Chapter 8 of 12 · 2 min read
AI Agency, Handlers, and Symbolic Autonomous Institutions
Bounded machine agency, accountable handlers, and the institutional meaning of SAI.
Word Wallet Web · v0.2 · Moses Sam Paul
AI Agency, Handlers, and Symbolic Autonomous Institutions
Quick Answer
Word Wallet Web gives AI systems bounded agency through versioned handlers with declared inputs, outputs, consent scopes, limitations, and accountable operators. A proposed Symbolic Autonomous Institution may use these handlers, but software autonomy never removes human governance, appeal, or institutional responsibility.
Bounded agency
AI systems can classify, generate, recommend, and execute workflows, but operational capability is not moral or legal accountability. Word Wallet Web models machine action through handlers: versioned services with declared inputs, outputs, scopes, and owners.
A handler contract should state supported modalities, consent scope, retention behavior, error conditions, version, and limitations. The registered expression points to that contract. The organization operating the handler remains accountable for its use.
Symbolic Autonomous Institution
This edition uses Symbolic Autonomous Institution (SAI) for a proposed institution whose identity and operations are organized around a registered symbolic purpose and partially executed by software. It replaces the earlier biological metaphor, which obscured institutional responsibility.

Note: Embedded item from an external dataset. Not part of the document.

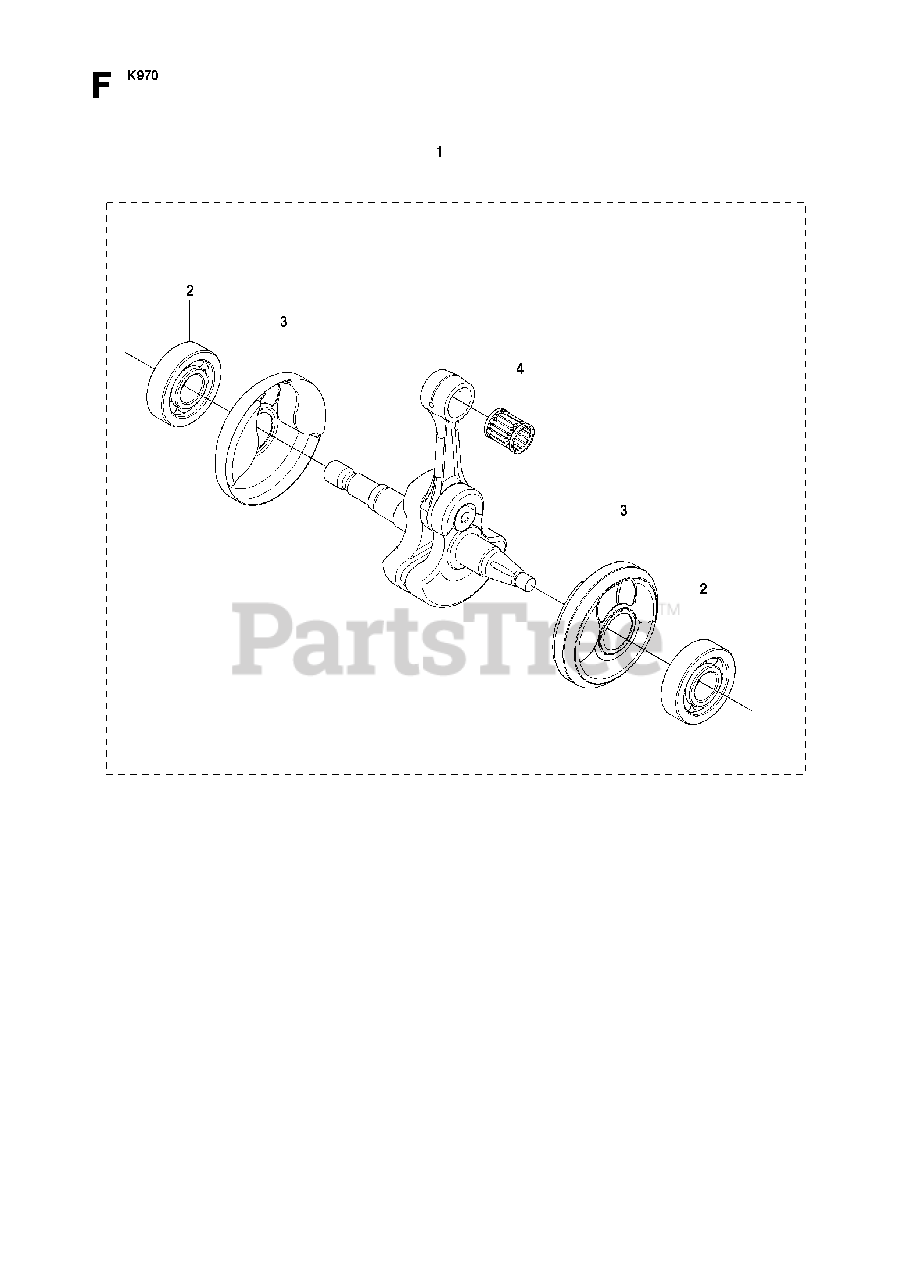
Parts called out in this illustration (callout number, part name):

An SAI is a long-term hypothesis, not a deployed legal form. Autonomy should mean bounded operational independence under a constitution, not freedom from human accountability.
~SAOcommons is different
~SAOcommons is the canonical IoV protocol for collective context, including Learning, Earning, and Organization Building through a Performance gateway. Its name must not be treated as a generic label for every symbolic institution. Protocol naming and institutional theory occupy different layers.
Minimum safeguards
An AI-assisted institution should expose:
- who can change its handler or rules;
- which decisions require human review;
- how participants appeal or exit;
- what evidence supports automated outputs;
- what data is retained and why;
- how an incident can suspend execution;
- how the institution can be wound down.
The test is not whether a system appears autonomous. The test is whether authority, responsibility, and recourse remain legible.